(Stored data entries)
Segment Open

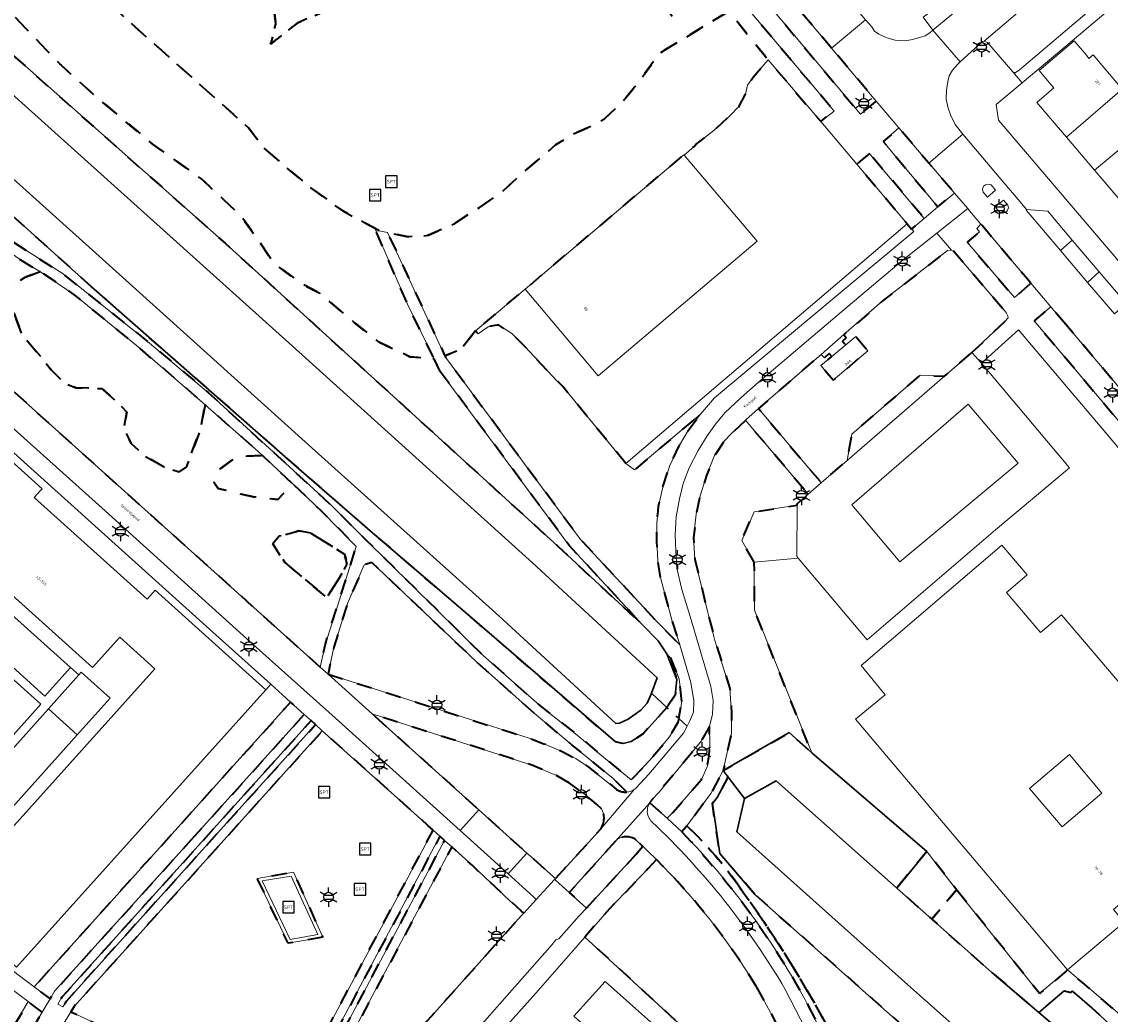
# Model space of a CAD drawing. Extents: x 105780 to 185197, y 477999 to 525027.
# Tile 414 of 562: x 108238 to 108381, y 479636 to 479766. Entities that reach past the tile are written whole.
import ezdxf
from ezdxf.enums import TextEntityAlignment as Align

# ---------------------------------------------------------------- set-up
doc = ezdxf.new("R2010")
doc.units = 0
doc.linetypes.add('XX-HIDDEN', pattern=[4, 2, -2])
for name, color, linetype, lineweight in [('B-GV-GR-HAAG_01-G', 252, 'GR-HAAG1', 13), ('B-GV-GR-MATERIAALGRENS-G', 252, 'XX-HIDDEN', 35), ('B-RO-IE-MEUBILAIR_WEGMEUBILAIR-S', 252, 'Continuous', 25), ('B-WE-GW-WATERGANG_SLOOT_INSTEEK-G', 252, 'Continuous', 30), ('B-XX-KG-KADASTRAAL_BEBOUWING-G', 252, 'Continuous', 20), ('B1-WE-OG-BEBOUWING-T18', 7, 'Continuous', 18), ('B1-WE-OG-TERREIN_ERF-GV', 252, 'Continuous', 18), ('B1-WE-OG-TOPOGRAFIE-T18', 10, 'Continuous', 18), ('B1-WE-VH-VERHARDING_ASFALT-GV', 252, 'Continuous', 18), ('B1-WE-VH-VERHARDING_BETONSTRAATSTEEN-GV', 252, 'Continuous', 18), ('B1-WE-VH-VERHARDING_HALFVERHARDING_SCHELP-GV', 252, 'Continuous', 18), ('B1-WE-VH-VERHARDING_STRAATBAKSTEEN-GV', 252, 'Continuous', 18), ('B1-WE-VH-VERHARDING_TEGEL-GV', 252, 'Continuous', 18), ('B1-WE-VH-VERHARDING_TEGEL_RUBBER-GV', 252, 'Continuous', 18)]:
    doc.layers.add(name, color=color, linetype=linetype, lineweight=lineweight)
doc.styles.add('NLCS-ISO', font='NLCS-ISO.ttf')
doc.styles.add('NLCS-ISO-M200-T18', font='NLCS-ISO.ttf', dxfattribs={"height": 0.36})
doc.linetypes.add('GR-HAAG1', pattern='A,6,[176,NLCS.shx,S=0.125,R=0,X=0,Y=0],-2', length=8)

# ---------------------------------------------------------------- blocks, each defined once
blk = doc.blocks.new('B-SIE-WEG_LICHTMAST-SO')
at = {"ltscale": 0.1}
for p, q in [((-1.1, 0.63), (-2.19, 1.27)), ((0, 1.27), (0, 2.53)), ((1.1, 0.63), (2.19, 1.27)), ((-1.1, -0.63), (-2.19, -1.27)), ((0, -1.27), (0, -2.53)), ((1.1, -0.63), (2.19, -1.27))]:
    blk.add_line(p, q, dxfattribs=at)
at = {"flags": 128}
for points in [[(-1.16, 0.5), (1.16, 0.5)], [(-1.16, -0.5), (1.16, -0.5)]]:
    blk.add_lwpolyline(points, dxfattribs=at)
at = {"ltscale": 0.1}
blk.add_circle((0, 0), 1.27, dxfattribs=at)
at = {"style": 'NLCS-ISO'}
blk.add_attdef('TYPE', text='', height=1.8, dxfattribs=at).set_placement((0, 2.53), align=Align.BOTTOM_CENTER)
blk = doc.blocks.new('SIE-WEG_SPEELTOESTEL-SO')
at = {"flags": 128}
blk.add_lwpolyline([(-0.75, -0.75), (0.75, -0.75), (0.75, 0.75), (-0.75, 0.75)], close=True, dxfattribs=at)
at = {"style": 'NLCS-ISO'}
blk.add_text('SPT', height=0.45, dxfattribs=at).set_placement((0, 0), align=Align.MIDDLE_CENTER)

msp = doc.modelspace()

# ---------------------------------------------------------------- linework, layer by layer
at = {"layer": 'B-GV-GR-HAAG_01-G', "flags": 128}
msp.add_lwpolyline([(108318.854, 479707.44), (108327.514, 479714.782), (108329.372, 479716.93), (108345.623, 479730.506), (108355.552, 479738.8), (108354.711, 479739.796), (108317.715, 479708.304)], close=True, dxfattribs=at)
at = {"layer": 'B-GV-GR-MATERIAALGRENS-G', "flags": 128}
for points in [[(108114.079, 479865.818), (108107.907, 479860.286), (108107.236, 479859.64), (108118.655, 479847.827), (108126.996, 479838.85), (108130.607, 479834.668), (108134.482, 479829.819), (108137.462, 479825.265), (108142.327, 479816.63), (108143.599, 479817.11), (108145.202, 479817.602), (108146.992, 479817.846), (108149.996, 479817.529), (108153.787, 479816.204), (108156.085, 479814.569), (108169.026, 479802.889), (108172.299, 479799.53), (108175.926, 479795.242), (108178.842, 479791.305), (108180.959, 479788.37), (108182.693, 479786.217), (108184.304, 479784.595), (108186.235, 479782.45), (108197.928, 479772.213), (108209.854, 479761.453), (108214.046, 479757.681), (108218.643, 479753.349), (108223.495, 479748.631), (108230.024, 479743.004), (108234.611, 479739.059), (108238.867, 479736.321), (108243.747, 479733.206), (108254.868, 479724.345), (108262.88, 479717.588), (108270.358, 479710.728), (108278.801, 479702.983), (108283.495, 479698.309), (108298.938, 479683.096), (108306.417, 479676.457), (108311.316, 479672.593), (108314.567, 479669.876), (108318.425, 479666.695), (108320.887, 479669.297), (108323.459, 479672.373), (108324.599, 479674.298), (108324.683, 479674.77), (108323.093, 479676.235), (108319.979, 479672.734), (108318.402, 479671.734), (108317.347, 479671.486), (108316.362, 479671.68), (108296.909, 479688.463), (108284.431, 479699.198), (108275.109, 479707.301), (108247.47, 479731.539), (108219.604, 479756.564), (108184.99, 479788.765), (108167.125, 479805.471), (108151.632, 479819.849), (108138.615, 479831.811), (108121.117, 479849.692), (108119.607, 479851.352), (108118.145, 479853.21), (108115.291, 479856.657), (108114.565, 479858.19), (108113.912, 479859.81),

Segment Closed

**What is needed**
All lines in the records that contain "NLCS" are to be copied and returned.

**Exercise result**
doc.styles.add('NLCS-ISO', font='NLCS-ISO.ttf')
doc.styles.add('NLCS-ISO-M200-T18', font='NLCS-ISO.ttf', dxfattribs={"height": 0.36})
doc.linetypes.add('GR-HAAG1', pattern='A,6,[176,NLCS.shx,S=0.125,R=0,X=0,Y=0],-2', length=8)
at = {"style": 'NLCS-ISO'}
at = {"style": 'NLCS-ISO'}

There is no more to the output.